# What the task requires
Count lines, not occurrences: report how many lines in the records hold the string "pricneho", and nothing else.

# Study material
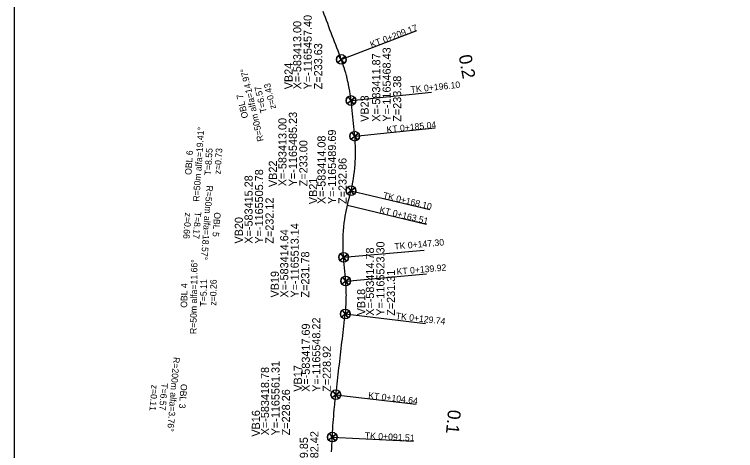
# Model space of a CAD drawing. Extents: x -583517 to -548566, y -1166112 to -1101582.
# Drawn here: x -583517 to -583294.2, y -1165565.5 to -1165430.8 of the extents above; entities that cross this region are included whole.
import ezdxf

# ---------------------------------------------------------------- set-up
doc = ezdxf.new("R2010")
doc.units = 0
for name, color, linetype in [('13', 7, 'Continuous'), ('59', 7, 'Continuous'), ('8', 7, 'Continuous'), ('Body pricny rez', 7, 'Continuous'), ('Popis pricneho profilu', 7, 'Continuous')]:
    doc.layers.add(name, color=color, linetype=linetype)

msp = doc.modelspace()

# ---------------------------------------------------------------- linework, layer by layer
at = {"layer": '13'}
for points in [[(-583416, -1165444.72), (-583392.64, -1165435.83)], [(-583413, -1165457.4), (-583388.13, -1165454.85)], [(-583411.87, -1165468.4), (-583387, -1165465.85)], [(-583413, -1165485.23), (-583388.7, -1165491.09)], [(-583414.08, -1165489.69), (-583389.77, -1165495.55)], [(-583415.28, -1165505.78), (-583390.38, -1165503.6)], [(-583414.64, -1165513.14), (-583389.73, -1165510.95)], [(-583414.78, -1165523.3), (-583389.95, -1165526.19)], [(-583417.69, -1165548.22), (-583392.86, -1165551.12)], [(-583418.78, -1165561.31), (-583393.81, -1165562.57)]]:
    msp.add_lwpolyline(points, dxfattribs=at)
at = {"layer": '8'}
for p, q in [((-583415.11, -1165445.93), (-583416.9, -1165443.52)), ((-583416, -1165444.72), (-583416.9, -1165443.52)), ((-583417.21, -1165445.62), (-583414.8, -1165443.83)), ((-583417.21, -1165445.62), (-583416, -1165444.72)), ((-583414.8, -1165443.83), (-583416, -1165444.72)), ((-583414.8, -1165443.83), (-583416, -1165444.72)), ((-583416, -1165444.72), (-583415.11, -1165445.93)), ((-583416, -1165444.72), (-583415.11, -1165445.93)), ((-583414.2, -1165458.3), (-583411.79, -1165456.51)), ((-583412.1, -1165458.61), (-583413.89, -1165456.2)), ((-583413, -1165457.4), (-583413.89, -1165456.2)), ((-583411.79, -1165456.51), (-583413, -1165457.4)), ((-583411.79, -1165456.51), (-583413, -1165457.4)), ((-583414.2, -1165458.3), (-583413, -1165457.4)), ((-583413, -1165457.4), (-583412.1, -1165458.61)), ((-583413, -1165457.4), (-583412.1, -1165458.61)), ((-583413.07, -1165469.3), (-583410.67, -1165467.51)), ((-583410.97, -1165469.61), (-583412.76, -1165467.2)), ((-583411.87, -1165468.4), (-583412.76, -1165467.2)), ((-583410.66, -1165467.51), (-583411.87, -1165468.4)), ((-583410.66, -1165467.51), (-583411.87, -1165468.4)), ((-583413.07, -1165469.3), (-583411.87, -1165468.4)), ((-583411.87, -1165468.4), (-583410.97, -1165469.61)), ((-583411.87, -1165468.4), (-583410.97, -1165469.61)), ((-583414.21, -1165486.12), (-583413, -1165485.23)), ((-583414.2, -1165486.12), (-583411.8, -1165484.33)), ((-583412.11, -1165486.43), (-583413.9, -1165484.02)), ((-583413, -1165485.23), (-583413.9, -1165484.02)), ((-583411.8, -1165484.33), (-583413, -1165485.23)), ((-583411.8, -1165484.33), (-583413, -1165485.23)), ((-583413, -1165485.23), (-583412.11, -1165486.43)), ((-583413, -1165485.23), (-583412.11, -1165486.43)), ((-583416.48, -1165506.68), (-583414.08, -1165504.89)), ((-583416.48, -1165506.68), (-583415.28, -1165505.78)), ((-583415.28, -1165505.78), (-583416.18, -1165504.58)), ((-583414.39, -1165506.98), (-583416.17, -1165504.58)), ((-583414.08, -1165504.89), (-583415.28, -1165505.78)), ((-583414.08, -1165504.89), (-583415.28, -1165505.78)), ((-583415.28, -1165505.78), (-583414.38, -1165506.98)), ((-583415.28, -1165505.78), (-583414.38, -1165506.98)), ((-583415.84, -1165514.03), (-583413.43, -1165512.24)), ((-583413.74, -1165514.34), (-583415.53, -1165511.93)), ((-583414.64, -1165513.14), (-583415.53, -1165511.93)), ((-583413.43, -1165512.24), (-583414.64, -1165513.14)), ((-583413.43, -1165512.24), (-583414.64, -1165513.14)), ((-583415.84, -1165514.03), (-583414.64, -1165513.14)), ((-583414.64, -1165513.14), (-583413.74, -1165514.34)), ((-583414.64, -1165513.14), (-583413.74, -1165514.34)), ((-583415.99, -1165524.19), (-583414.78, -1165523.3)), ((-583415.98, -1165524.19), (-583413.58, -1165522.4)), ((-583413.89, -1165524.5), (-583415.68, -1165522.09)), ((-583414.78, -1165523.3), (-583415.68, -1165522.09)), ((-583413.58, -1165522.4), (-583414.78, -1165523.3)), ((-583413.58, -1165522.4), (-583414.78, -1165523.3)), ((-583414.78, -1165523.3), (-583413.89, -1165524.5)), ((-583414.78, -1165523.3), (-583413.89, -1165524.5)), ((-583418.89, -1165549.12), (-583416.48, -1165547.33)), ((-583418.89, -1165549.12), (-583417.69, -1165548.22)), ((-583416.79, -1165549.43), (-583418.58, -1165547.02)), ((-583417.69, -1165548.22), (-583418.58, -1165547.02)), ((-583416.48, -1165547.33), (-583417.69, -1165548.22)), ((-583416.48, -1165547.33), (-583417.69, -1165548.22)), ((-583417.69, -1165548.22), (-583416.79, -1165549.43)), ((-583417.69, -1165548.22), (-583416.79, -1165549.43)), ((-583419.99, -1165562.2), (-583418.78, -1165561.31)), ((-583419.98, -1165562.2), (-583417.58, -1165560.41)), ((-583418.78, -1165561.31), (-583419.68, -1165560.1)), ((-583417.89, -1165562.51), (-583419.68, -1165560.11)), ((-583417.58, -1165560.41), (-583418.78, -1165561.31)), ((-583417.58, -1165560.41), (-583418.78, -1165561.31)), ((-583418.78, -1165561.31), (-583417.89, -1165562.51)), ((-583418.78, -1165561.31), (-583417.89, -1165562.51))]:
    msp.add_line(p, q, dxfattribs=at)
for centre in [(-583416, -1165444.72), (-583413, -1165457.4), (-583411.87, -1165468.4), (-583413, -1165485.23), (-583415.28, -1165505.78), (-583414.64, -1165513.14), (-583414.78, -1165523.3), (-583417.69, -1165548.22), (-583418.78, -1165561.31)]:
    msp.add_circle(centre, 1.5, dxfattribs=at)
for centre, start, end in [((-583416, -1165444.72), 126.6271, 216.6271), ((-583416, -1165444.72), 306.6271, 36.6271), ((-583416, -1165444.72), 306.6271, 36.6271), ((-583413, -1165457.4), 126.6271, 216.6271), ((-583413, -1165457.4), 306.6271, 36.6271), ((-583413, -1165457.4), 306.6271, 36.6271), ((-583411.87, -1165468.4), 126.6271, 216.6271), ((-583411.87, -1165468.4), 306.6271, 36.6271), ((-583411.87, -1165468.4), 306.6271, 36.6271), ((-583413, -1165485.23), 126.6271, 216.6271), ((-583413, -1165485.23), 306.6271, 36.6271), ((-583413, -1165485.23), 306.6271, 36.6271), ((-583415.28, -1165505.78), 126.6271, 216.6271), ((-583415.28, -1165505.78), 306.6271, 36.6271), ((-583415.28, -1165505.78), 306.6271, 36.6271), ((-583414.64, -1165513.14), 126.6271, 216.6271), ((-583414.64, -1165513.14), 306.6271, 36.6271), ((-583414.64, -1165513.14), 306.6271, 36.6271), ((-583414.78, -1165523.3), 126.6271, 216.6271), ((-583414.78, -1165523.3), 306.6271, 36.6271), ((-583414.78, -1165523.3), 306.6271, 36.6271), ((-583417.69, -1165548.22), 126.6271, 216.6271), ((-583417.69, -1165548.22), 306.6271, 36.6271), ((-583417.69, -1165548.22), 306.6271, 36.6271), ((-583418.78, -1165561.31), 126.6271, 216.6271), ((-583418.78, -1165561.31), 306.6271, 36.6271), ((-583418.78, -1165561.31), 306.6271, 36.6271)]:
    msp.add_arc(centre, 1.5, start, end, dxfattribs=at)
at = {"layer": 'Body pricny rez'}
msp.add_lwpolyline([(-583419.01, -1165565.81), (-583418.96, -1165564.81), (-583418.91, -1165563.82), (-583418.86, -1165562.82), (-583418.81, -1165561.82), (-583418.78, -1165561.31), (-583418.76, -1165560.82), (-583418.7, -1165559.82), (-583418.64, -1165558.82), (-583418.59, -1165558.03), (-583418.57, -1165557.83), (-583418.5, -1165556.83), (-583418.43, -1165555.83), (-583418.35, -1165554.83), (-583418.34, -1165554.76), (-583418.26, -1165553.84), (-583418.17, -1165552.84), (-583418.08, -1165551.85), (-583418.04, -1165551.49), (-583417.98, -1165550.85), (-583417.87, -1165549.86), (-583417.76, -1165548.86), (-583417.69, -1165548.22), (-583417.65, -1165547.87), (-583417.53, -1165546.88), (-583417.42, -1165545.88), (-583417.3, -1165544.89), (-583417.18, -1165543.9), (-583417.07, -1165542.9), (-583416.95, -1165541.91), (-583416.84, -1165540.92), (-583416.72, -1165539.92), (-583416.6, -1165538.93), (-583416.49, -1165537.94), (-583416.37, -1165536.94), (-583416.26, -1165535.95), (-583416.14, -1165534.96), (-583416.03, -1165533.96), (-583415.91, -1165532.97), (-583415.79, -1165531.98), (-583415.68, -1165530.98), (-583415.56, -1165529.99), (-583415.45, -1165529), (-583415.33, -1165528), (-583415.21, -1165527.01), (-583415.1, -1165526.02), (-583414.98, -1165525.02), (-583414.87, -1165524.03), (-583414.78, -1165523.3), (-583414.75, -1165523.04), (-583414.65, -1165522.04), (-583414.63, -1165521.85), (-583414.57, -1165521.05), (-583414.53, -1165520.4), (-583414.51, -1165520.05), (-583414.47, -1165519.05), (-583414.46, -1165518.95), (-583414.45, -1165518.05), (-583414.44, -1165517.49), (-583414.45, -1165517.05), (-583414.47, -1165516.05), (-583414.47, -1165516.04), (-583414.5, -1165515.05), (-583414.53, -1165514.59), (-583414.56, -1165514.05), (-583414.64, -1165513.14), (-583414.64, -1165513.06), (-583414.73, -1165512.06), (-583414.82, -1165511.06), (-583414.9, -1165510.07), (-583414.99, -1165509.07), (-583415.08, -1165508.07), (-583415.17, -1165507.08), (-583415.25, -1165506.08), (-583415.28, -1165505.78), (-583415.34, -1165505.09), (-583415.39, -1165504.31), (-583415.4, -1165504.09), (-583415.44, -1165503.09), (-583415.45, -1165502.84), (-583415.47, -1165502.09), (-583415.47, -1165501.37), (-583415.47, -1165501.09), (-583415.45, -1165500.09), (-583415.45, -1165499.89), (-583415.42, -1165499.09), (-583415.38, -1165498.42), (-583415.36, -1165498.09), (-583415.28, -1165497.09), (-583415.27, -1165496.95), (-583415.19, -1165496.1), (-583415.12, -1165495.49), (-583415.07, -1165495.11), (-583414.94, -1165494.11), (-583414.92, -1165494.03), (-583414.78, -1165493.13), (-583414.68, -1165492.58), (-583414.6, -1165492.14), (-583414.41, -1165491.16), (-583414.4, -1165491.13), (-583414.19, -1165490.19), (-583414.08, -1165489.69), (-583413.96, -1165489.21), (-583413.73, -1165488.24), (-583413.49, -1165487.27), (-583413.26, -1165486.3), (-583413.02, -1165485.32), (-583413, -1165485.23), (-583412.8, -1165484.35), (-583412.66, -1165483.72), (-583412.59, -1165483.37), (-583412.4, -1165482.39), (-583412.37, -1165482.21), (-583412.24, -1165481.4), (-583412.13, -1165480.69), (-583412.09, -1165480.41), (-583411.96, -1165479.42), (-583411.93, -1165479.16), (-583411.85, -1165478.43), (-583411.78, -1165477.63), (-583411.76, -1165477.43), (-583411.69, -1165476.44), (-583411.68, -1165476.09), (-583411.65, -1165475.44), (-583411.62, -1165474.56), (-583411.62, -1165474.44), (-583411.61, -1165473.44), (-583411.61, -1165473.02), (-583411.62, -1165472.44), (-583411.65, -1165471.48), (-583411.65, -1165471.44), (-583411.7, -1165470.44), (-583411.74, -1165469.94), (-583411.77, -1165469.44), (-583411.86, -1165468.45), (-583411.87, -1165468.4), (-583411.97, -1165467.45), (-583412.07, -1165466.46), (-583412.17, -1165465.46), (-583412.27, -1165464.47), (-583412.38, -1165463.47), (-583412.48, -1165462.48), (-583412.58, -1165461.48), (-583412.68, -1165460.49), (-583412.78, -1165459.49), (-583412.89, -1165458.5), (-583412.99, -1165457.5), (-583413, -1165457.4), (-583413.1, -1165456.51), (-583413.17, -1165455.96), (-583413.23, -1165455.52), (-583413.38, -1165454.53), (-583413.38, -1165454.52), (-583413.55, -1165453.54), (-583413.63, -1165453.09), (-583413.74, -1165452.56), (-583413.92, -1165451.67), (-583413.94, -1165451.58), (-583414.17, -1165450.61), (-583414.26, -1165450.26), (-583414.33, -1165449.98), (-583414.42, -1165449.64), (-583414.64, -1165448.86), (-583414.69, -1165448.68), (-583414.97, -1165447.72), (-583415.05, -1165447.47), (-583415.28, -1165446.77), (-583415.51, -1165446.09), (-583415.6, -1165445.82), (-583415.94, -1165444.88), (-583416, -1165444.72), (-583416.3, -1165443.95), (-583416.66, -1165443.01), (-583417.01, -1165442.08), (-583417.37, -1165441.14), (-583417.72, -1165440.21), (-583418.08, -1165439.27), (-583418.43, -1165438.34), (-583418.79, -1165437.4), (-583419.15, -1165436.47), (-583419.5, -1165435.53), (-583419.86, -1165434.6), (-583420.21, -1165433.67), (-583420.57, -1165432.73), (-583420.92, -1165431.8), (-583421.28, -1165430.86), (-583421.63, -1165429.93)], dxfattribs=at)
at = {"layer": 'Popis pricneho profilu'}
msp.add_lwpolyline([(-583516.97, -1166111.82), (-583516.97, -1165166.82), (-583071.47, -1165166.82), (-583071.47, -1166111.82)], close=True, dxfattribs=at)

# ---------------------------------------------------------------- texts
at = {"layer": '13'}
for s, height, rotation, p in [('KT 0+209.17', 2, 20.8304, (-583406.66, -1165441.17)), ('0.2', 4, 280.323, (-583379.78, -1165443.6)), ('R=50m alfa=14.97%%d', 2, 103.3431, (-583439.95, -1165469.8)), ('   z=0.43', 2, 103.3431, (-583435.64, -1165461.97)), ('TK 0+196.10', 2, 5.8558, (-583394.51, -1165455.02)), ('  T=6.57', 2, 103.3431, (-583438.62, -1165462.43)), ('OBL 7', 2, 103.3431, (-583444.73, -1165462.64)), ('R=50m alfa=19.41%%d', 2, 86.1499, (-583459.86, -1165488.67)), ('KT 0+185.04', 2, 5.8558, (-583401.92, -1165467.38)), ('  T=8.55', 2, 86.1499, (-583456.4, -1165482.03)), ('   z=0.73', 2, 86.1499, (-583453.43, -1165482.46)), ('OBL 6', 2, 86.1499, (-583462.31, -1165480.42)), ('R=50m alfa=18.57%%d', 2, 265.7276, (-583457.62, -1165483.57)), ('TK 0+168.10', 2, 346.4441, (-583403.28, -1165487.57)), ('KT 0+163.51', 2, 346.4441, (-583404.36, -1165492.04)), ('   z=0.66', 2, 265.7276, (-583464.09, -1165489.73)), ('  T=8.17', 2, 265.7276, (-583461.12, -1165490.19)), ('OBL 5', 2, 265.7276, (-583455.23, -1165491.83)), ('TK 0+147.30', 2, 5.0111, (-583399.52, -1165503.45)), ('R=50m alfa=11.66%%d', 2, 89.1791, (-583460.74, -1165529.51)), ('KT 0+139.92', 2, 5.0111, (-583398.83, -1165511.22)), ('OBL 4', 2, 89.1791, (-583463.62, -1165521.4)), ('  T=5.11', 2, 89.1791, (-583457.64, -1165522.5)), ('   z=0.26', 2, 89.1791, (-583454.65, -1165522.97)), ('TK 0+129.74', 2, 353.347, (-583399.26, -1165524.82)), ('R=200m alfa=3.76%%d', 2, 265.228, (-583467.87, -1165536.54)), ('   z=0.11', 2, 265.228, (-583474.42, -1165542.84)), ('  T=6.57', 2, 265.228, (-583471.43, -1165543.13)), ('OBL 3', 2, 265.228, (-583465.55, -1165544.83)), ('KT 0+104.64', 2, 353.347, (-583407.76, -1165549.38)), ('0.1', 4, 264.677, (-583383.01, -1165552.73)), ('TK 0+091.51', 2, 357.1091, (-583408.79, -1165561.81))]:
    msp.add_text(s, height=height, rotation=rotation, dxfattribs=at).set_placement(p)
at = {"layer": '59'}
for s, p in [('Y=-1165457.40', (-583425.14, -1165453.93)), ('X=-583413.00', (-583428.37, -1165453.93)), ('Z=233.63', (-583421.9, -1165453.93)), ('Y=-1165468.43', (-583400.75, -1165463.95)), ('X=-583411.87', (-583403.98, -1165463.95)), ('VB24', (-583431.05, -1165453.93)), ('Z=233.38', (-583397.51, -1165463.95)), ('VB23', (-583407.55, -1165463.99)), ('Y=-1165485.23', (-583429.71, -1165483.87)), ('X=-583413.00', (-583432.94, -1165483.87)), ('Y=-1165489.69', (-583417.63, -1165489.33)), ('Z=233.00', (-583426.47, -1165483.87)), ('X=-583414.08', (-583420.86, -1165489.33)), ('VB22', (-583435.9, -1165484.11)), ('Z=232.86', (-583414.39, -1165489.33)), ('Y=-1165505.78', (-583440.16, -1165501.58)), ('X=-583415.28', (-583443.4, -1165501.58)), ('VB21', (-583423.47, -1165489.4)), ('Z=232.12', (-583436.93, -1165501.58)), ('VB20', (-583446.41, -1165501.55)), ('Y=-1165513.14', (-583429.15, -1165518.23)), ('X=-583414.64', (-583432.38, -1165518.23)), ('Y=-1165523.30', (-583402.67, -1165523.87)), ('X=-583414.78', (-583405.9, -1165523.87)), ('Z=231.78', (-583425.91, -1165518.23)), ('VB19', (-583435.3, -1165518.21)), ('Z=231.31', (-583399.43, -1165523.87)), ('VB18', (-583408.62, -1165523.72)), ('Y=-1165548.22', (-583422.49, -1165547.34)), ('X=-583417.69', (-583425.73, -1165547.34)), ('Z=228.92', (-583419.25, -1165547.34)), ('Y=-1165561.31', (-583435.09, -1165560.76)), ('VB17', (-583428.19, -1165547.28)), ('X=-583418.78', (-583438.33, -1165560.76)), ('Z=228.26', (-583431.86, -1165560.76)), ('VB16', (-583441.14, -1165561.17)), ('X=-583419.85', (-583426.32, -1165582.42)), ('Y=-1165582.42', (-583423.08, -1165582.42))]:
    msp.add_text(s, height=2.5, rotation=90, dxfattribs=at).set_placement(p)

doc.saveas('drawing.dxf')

# Answer to the problem
2